## Supplied information
• • •

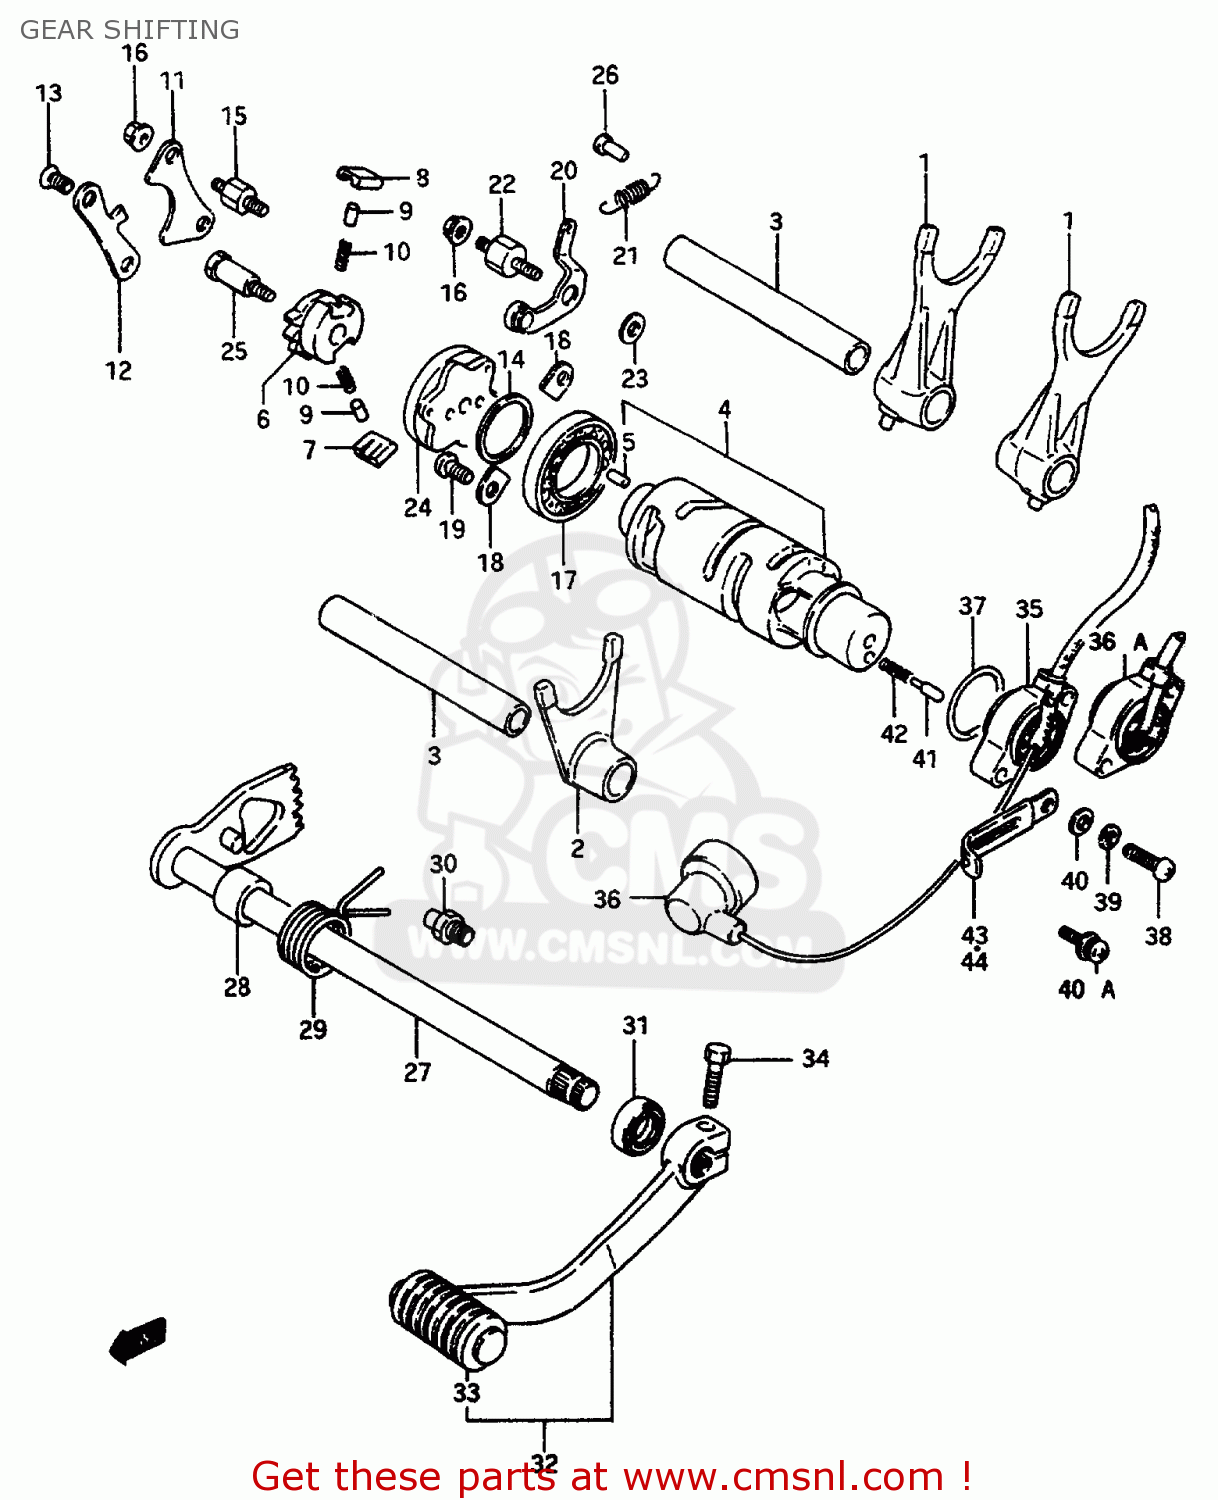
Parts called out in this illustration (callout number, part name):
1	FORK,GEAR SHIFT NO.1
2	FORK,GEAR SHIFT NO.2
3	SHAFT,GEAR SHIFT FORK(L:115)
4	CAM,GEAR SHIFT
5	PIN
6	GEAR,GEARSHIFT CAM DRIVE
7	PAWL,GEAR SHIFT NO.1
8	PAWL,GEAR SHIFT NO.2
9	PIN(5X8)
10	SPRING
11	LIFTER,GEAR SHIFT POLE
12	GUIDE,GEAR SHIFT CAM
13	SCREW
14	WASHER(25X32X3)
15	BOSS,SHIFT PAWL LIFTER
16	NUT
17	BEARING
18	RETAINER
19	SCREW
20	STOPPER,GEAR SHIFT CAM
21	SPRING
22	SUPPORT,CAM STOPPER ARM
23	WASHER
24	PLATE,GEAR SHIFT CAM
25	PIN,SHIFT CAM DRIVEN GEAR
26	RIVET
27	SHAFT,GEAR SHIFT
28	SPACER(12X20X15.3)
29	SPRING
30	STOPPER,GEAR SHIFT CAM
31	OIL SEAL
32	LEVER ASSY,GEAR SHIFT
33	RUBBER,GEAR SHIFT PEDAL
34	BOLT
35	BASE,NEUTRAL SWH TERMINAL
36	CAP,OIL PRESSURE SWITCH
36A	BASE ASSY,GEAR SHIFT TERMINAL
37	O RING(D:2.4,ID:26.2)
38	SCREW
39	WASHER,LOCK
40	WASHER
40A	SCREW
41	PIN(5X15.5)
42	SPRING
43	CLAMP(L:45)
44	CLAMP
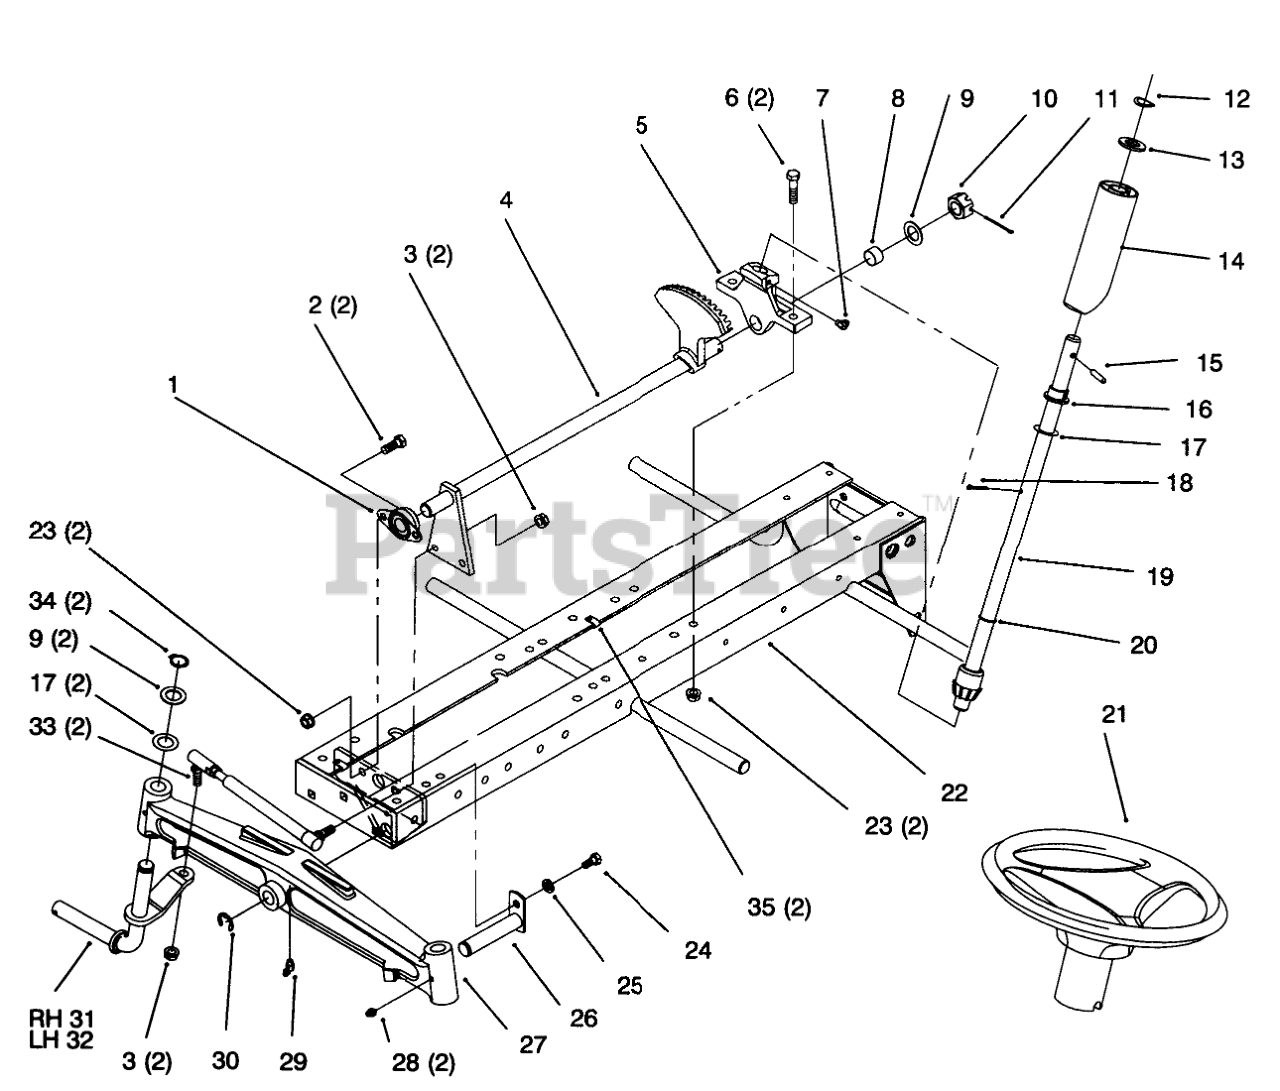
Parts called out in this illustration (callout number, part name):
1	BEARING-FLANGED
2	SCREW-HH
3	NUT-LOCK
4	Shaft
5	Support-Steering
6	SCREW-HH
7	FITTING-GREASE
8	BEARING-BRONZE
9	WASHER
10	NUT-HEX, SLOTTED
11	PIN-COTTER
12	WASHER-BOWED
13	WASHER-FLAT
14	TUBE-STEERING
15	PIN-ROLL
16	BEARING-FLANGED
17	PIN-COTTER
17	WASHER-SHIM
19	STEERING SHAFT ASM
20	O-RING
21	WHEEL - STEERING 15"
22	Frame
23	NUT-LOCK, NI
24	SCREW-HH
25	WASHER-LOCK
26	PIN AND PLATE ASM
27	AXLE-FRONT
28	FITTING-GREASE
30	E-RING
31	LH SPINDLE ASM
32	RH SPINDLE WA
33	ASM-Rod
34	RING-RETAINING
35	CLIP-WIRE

• • •

## Exercise objective
Print out the material word for word, omitting the pictures.

## Response below
Parts called out in this illustration (callout number, part name):
1	FORK,GEAR SHIFT NO.1
2	FORK,GEAR SHIFT NO.2
3	SHAFT,GEAR SHIFT FORK(L:115)
4	CAM,GEAR SHIFT
5	PIN
6	GEAR,GEARSHIFT CAM DRIVE
7	PAWL,GEAR SHIFT NO.1
8	PAWL,GEAR SHIFT NO.2
9	PIN(5X8)
10	SPRING
11	LIFTER,GEAR SHIFT POLE
12	GUIDE,GEAR SHIFT CAM
13	SCREW
14	WASHER(25X32X3)
15	BOSS,SHIFT PAWL LIFTER
16	NUT
17	BEARING
18	RETAINER
19	SCREW
20	STOPPER,GEAR SHIFT CAM
21	SPRING
22	SUPPORT,CAM STOPPER ARM
23	WASHER
24	PLATE,GEAR SHIFT CAM
25	PIN,SHIFT CAM DRIVEN GEAR
26	RIVET
27	SHAFT,GEAR SHIFT
28	SPACER(12X20X15.3)
29	SPRING
30	STOPPER,GEAR SHIFT CAM
31	OIL SEAL
32	LEVER ASSY,GEAR SHIFT
33	RUBBER,GEAR SHIFT PEDAL
34	BOLT
35	BASE,NEUTRAL SWH TERMINAL
36	CAP,OIL PRESSURE SWITCH
36A	BASE ASSY,GEAR SHIFT TERMINAL
37	O RING(D:2.4,ID:26.2)
38	SCREW
39	WASHER,LOCK
40	WASHER
40A	SCREW
41	PIN(5X15.5)
42	SPRING
43	CLAMP(L:45)
44	CLAMP
Parts called out in this illustration (callout number, part name):
1	BEARING-FLANGED
2	SCREW-HH
3	NUT-LOCK
4	Shaft
5	Support-Steering
6	SCREW-HH
7	FITTING-GREASE
8	BEARING-BRONZE
9	WASHER
10	NUT-HEX, SLOTTED
11	PIN-COTTER
12	WASHER-BOWED
13	WASHER-FLAT
14	TUBE-STEERING
15	PIN-ROLL
16	BEARING-FLANGED
17	PIN-COTTER
17	WASHER-SHIM
19	STEERING SHAFT ASM
20	O-RING
21	WHEEL - STEERING 15"
22	Frame
23	NUT-LOCK, NI
24	SCREW-HH
25	WASHER-LOCK
26	PIN AND PLATE ASM
27	AXLE-FRONT
28	FITTING-GREASE
30	E-RING
31	LH SPINDLE ASM
32	RH SPINDLE WA
33	ASM-Rod
34	RING-RETAINING
35	CLIP-WIRE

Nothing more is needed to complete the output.